After a while, Holly became an expert at predicting Mikaela’s moods, and when she detected a foul one coming on, she would take her daughter’s hands and say, “Kalee, let’s practice our breathing.”
As Mikaela grew older, Holly taught her many different relaxation techniques, and by the time Mikaela was six, she could fully control her transformations. As soon as she felt a fit coming on, she would turn on some music, close her eyes, and practice breathing just like her mother taught her.
That’s not to say Mikaela never had a lapse. Sometimes, when she didn’t get her way, she would transform into a dog and sit in the corner and growl. She knew her parents hated it, and she did it to irritate them.
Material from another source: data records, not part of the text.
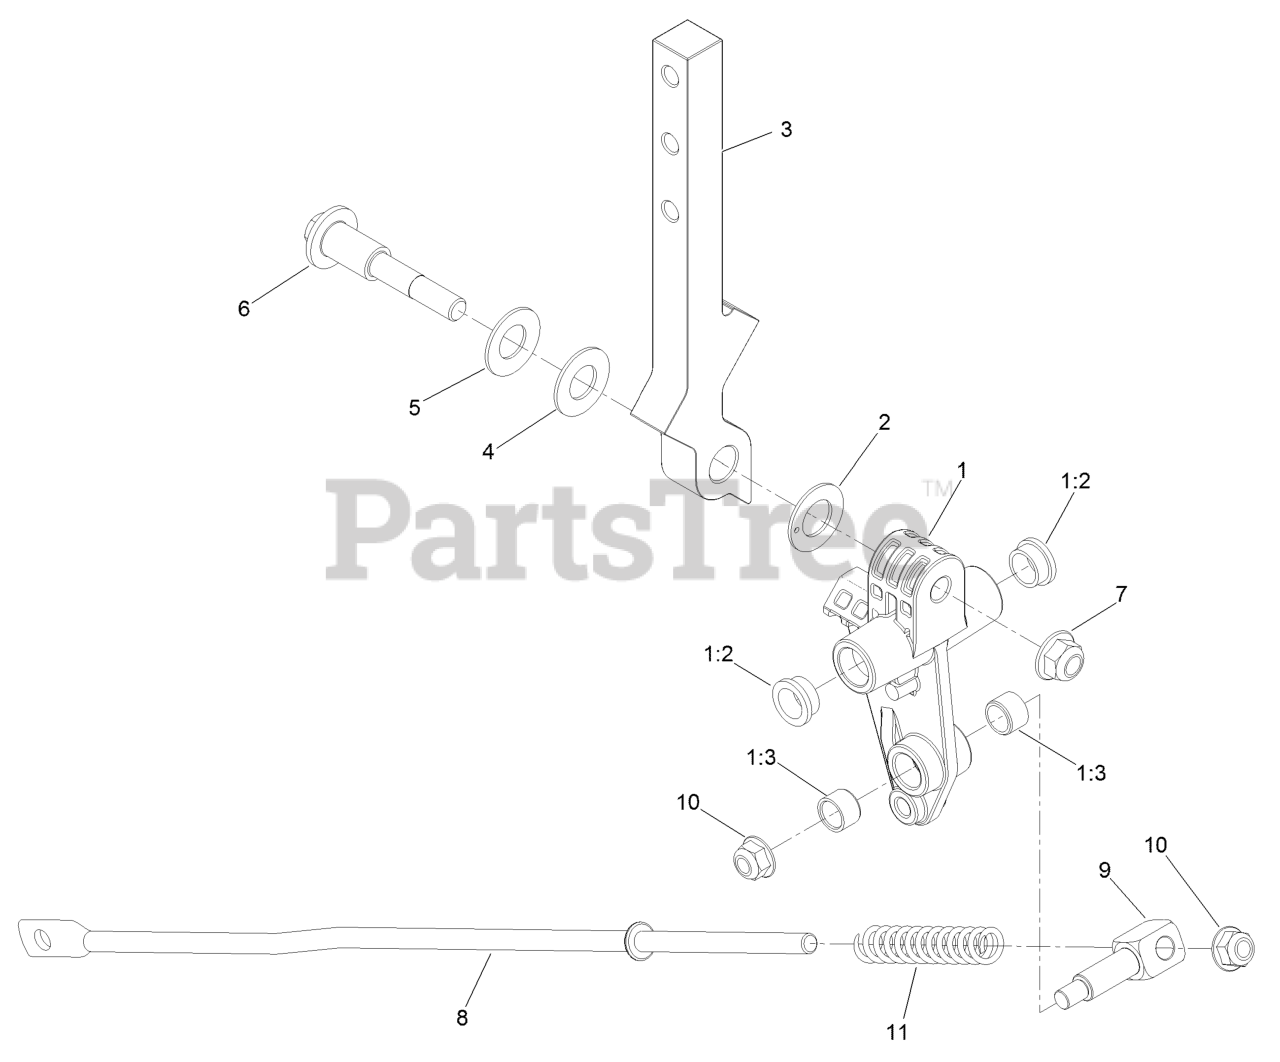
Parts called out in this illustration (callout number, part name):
1	CONTROL ARM ASM
1:2	BUSHING
1:3	BUSHING-SLEEVE
2	WASHER-FRICTION
3	ARM-CONTROL
5	WASHER-BELLEVILLE
6	BOLT-PIVOT
7	NUT-HF, NI
8	LINK-CONTROL
10	NUT-HF, NI
11	SPRING-RETURN, NEUTRAL

When Mikaela turned seven, Holly enrolled her at the local elementary school, confident she was ready, and for the first few months, everything went smoothly. Mikaela loved school and made her first real friend, a little girl named Sara.
One day, as the two of them were sitting on swings in the schoolyard, the class bully came up to Sara and called her ugly. Mikaela clenched her fists, jumped off the swing, and bit the bully in the leg so hard he needed stitches.
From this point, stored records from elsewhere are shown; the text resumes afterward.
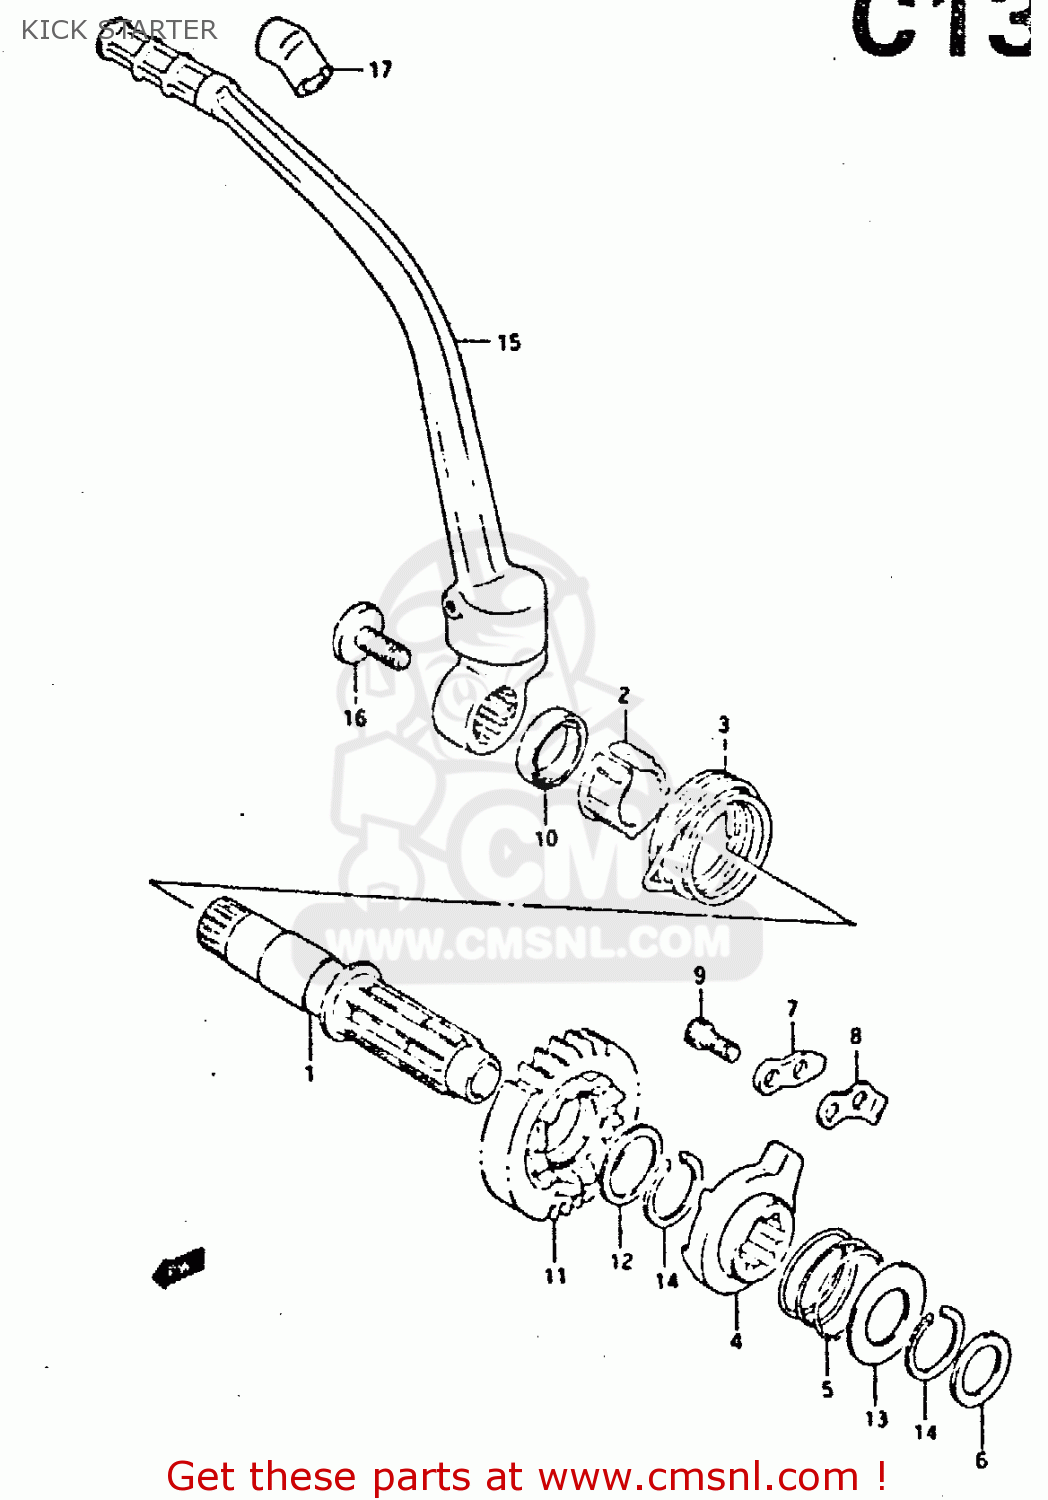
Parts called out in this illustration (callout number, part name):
1	SHAFT,KICK STARTER
2	GUIDE,KICK STARTER SFT SPRING
3	SPRING
4	STARTER,KICK
5	SPRING
6	WASHER,THRUST
7	GUIDE,KICK STARTER
8	STOPPER,KICK STARTER
9	BOLT,KICK START STOPPER
10	SEAL,OIL(20X27X6)
11	GEAR,KICK STARTER NO.2
12	SHIM
13	WASHER,THRUST
14	CIRCLIP
15	LEVER ASSEMBLY,KICK STARTER
16	BOLT(8X14)
17	COVER,KICK STARTER LEVER

The lunch aide grabbed Mikaela by the arm and dragged her to the principal’s office. When Holly arrived at the school to pick her up, Mikaela looked at her mother and grinned, “Mommy, I didn’t transform.”
Mikaela was suspended for the rest of the year, and the doctors could not figure out why the boy’s wounds looked like a dog bite.
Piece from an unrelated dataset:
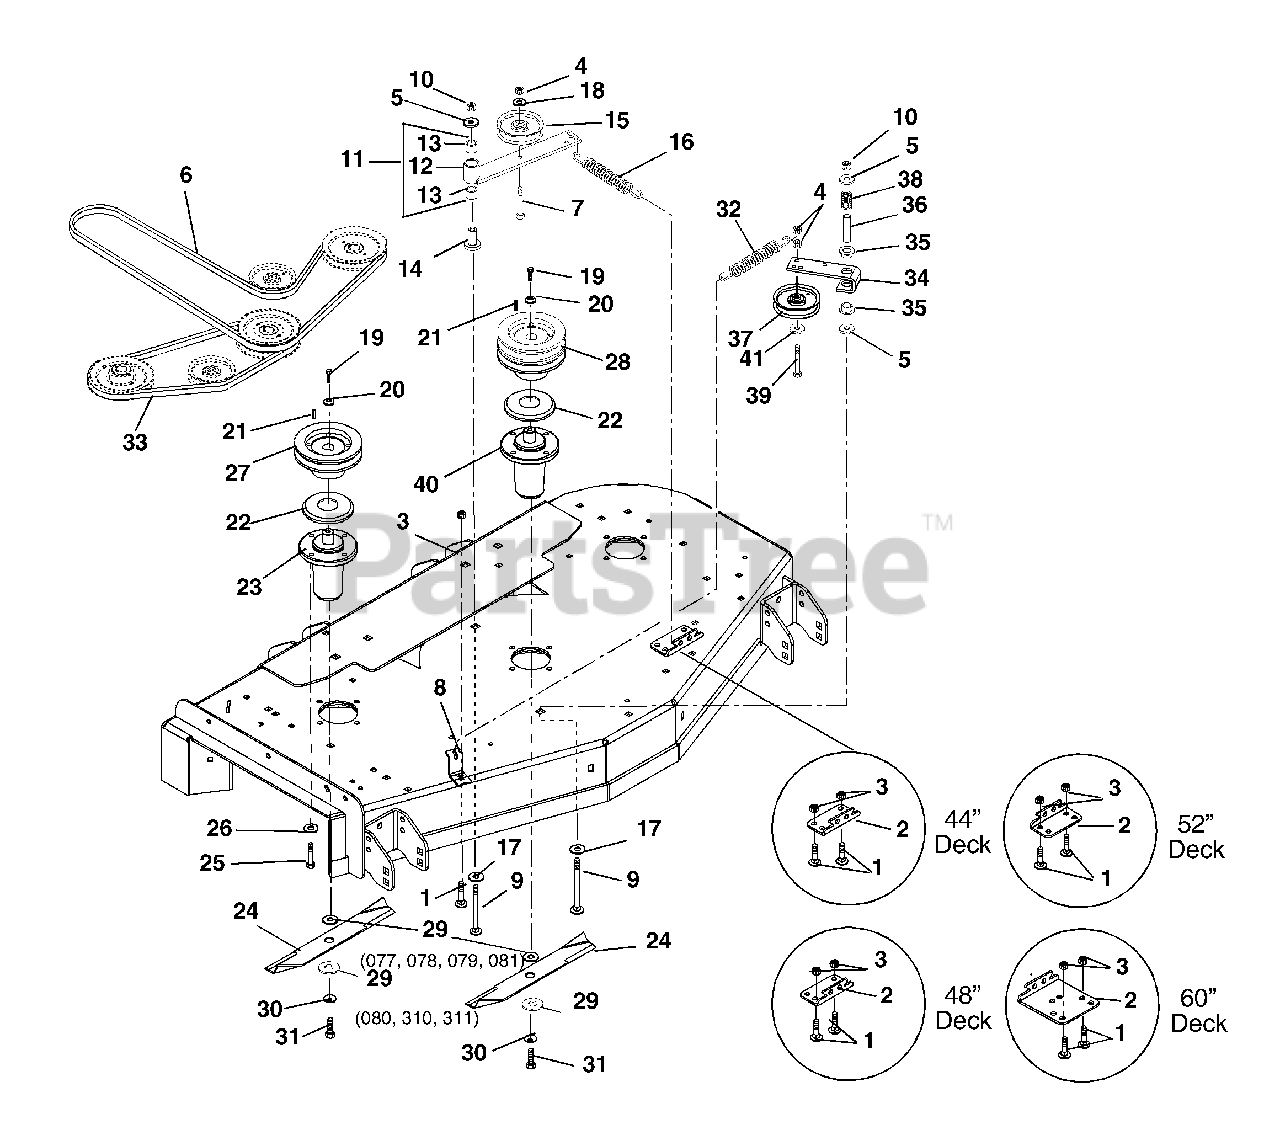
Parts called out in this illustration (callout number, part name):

On her twelfth birthday, Mikaela woke up to the smell of blueberry pancakes wafting into her bedroom. She jumped out of bed and raced downstairs, excited for pancakes and presents. She had been campaigning for an iPhone, and as she opened her last gift, her face fell. She hadn’t gotten one. She looked at her parents and grumbled, “I’m protesting. I am going to transform into a dog and stay that way until I get that phone.”
Holly shrugged her shoulders. “Okay, Kalee, that’s fine, turn into a dog. See if I care. But it’s Saturday, and I’m visiting Grandma at the nursing home, and you’re coming with me. You can’t stay home with Daddy this time.” She put a leash on the now mid-size golden retriever and dragged her out of the house. Too stubborn to transform back, Mikaela let her mother lead the way.
When they arrived at the nursing home, they went straight to the memory care unit where Holly’s mother lived.
“Hi, Mom,” Holly said, “I have a special surprise for you today. I brought our dog.”
Holly’s mom, who was often agitated and combative on visiting day, began petting the dog and calmed down immediately. She looked into the dog’s eyes and said, “Kaylee, is that you?”
Mikaela climbed into her grandmother’s lap and began licking her face. The three of them spent a wonderful afternoon together, and Holly’s mom was more interactive than she had been in months. It was that afternoon that Mikaela discovered she had a special gift for easing the emotional pain of others.
Over the years Mikaela volunteered at her grandmother’s nursing home as well as the local group home for autistic children, sometimes as herself and sometimes as her alter ego. When she graduated school as a psychiatric nurse, nobody was prouder than Holly, who felt grateful every day for the gift of Mikaela.
On the night of Mikaela’s graduation, Holly had a vivid dream. A beautiful woman came to her and said, “Thank you for taking such good care of Mikaela and always believing in her.”
A single tear leaked out of Holly’s eye as she whispered back, “Thanks for choosing me.”